If a field is enabled by the URL group or server session, but not selected for the request, it appears in the log file with a hyphen (-) as a placeholder.
Log files are created when the first request arrives on the URL Group or server session, they are not created when logging is configured. The following example shows the first log file entry for a W3C log file with the Client IP, Username, Server IP, Server Port, Method, URI Stem, URI Query, Status, and User Agent fields enabled:
#Software: Microsoft HTTP Server API 2.0
#Version: 1.0 // the log file version as it's described by "https://www.w3.org/TR/WD-logfile".

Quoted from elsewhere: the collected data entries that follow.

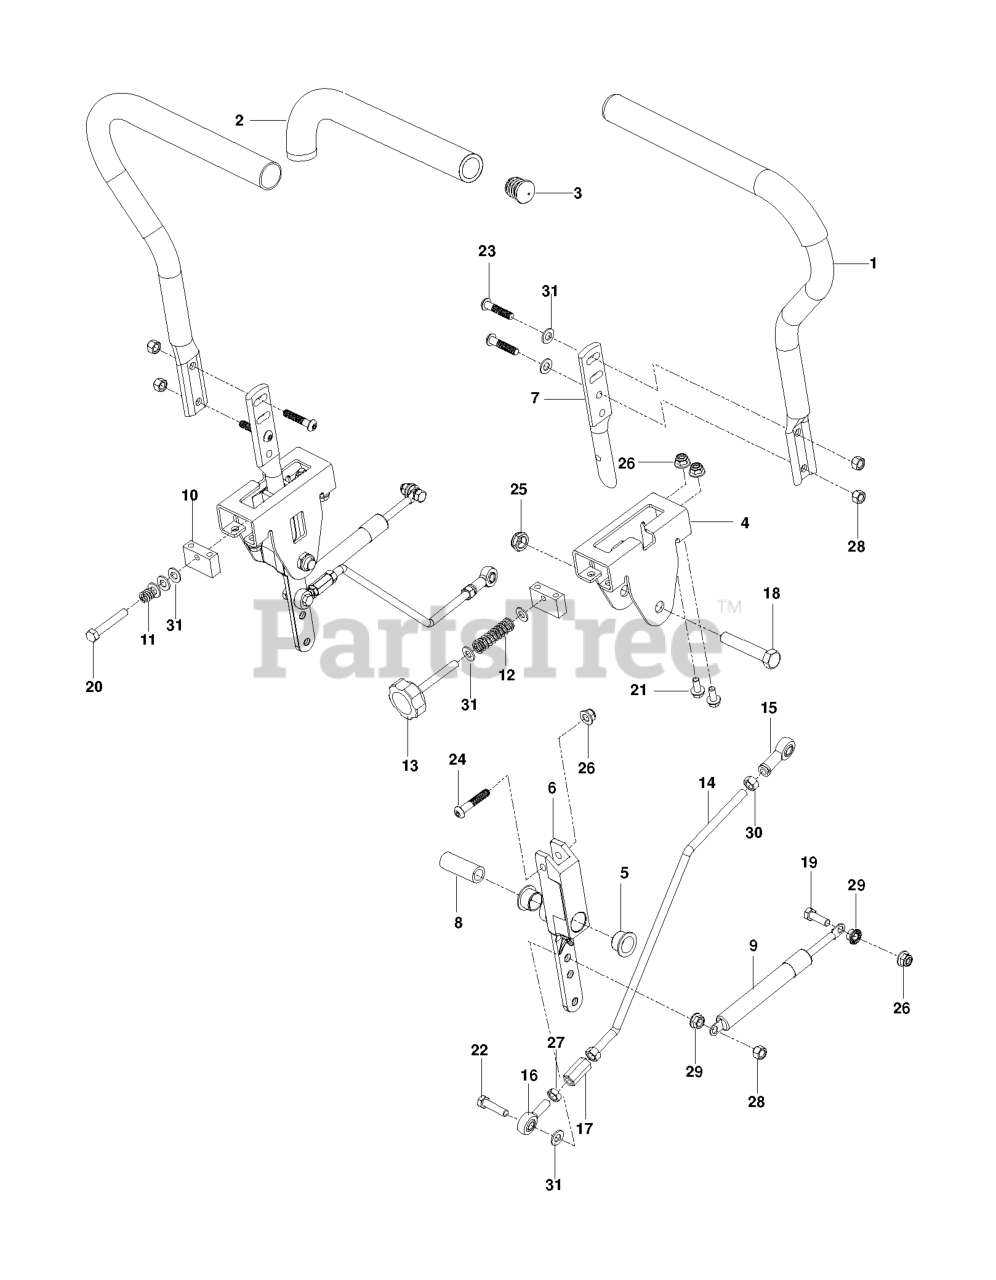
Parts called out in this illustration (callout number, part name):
1	LEVER ASSEMBLY
2	GRIP, FOAM (GROUND) 15
3	END PLUG 15/16 (BLACK)
4	BRACKET, CONTROL
5	BEARING, FLANGE
6	LEVER CONTROL PIVOT
7	LEVER.HANDLE MOUNT
8	SPACER, PIVOT CONTROL
10	BLOCK.TRACKING
12	SPRING COMPRESSION 2.0
13	KNOB
14	ROD, MOTION CONTROL
15	RH ROD END
16	RP.ROD.END.LH
17	ROD END COUPLER
18	HCS 1/2C X 2 3/4
19	HCS 5/16C X 1
20	CAPSCREW 5/16 X 1/1/2 HEX HEAD
21	HHFS 5/16-18 X 3/4
22	HCS 5/16C X 1 3/4
23	SCREW BUTTONHEAD 5/16-18X1-1/2
24	SCREW 5/16-18 X 1 3/4 BTN-HD
25	NUT 1/2-13 HEX JM NYL
26	5/16-18 NYLOC FLANGE NUT
27	NUT 5/16F LEFTHAND
28	NUT 5/16 NYLOC
29	NUT 5/16C WHIZ
31	FLAT WASHER 5/16 SAE
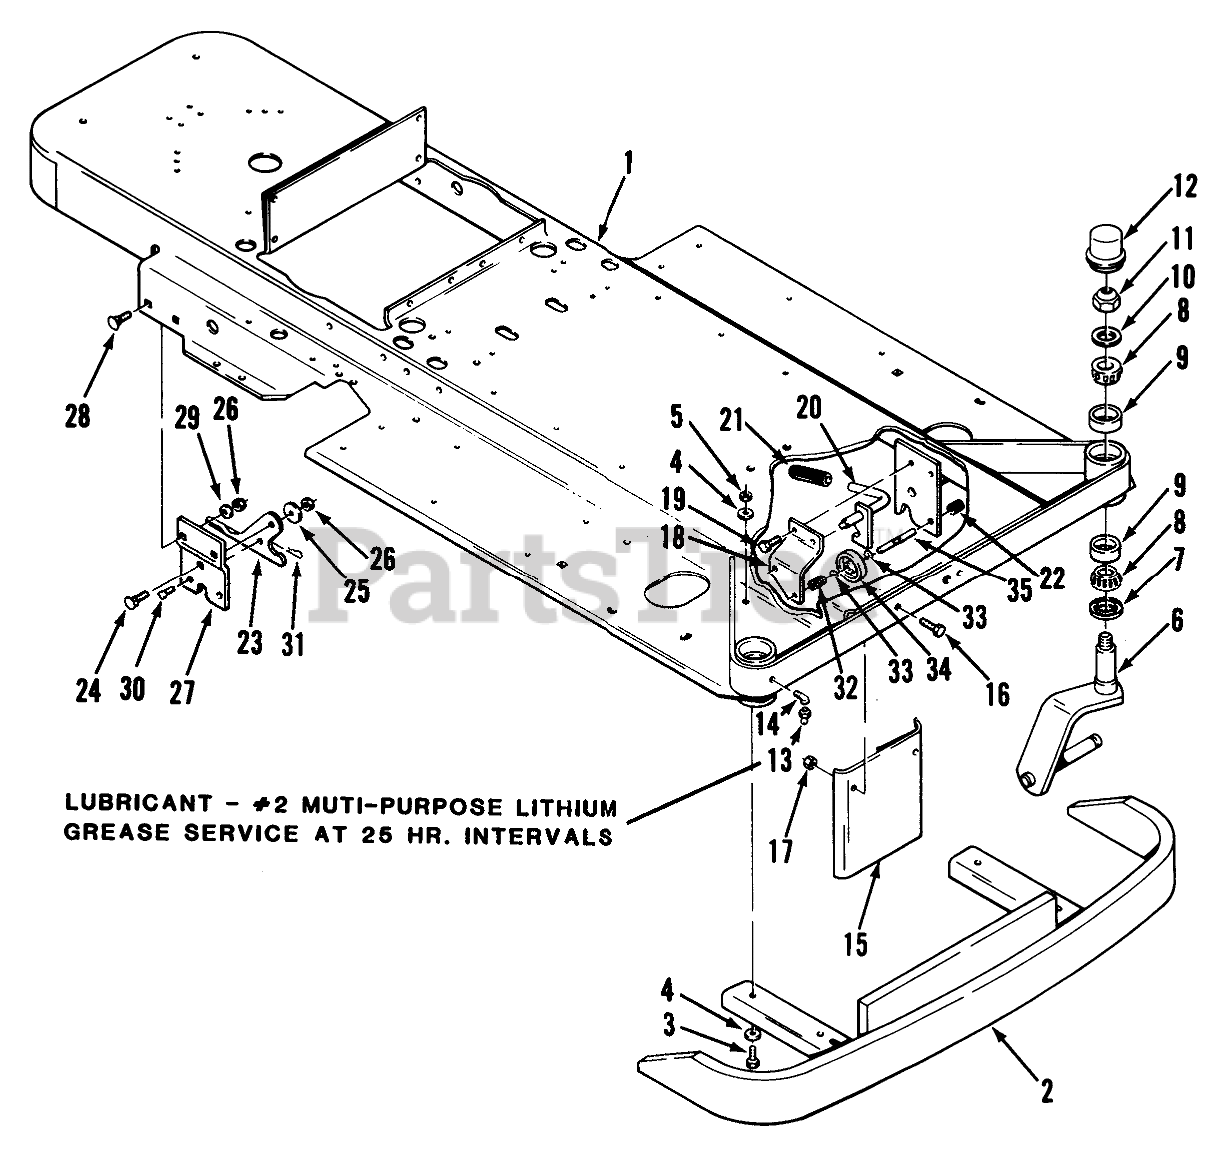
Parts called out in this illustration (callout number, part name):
1	Frame
2	Bumper-Front
3	BOLT
4	SAE Washer3/8
5	NUT
6	SPINDLE WELDMENT
7	Seal
8	Bearing
9	Cup
10	Washer
11	Nut
12	DUST CAP
13	Fitting-Grease
14	ELBOW 1/8 STREET
15	Shield
16	Bolt
17	Nut
18	Bracket RH
19	Screw
20	Latch RH
21	GRIP
22	CAP-ROD, PLUNGER
23	PLATE-LATCHING
24	Bolt
25	WASHER
26	NUT
27	Hitch Plate
28	Bolt
29	Washer
30	Pin
31	Hairpin
32	SPRING
33	RING-RETAINING
35	ROD-LOCK

#Date: 2002-05-02 17:42:15 // when the first log file entry was recorded, which is when the entire log file was created.
#Fields: date time c-ip cs-username s-ip s-port cs-method cs-uri-stem cs-uri-query sc-status cs(User-Agent)
2002-05-02 17:42:15 172.22.255.255 - 172.30.255.255 80 GET /images/picture.jpg - 200 Mozilla/4.0+(compatible;MSIE+5.5;+Windows+2000+Server)
The time-taken field is initialized when the HTTP Server API receives the first byte, before the request is parsed. The time-taken timestamp is stopped when the last send completion occurs. Time-taken does not reflect time across the network. The first request to the site shows a slightly longer time taken than other similar requests because the HTTP Server API opens the log file with the first request.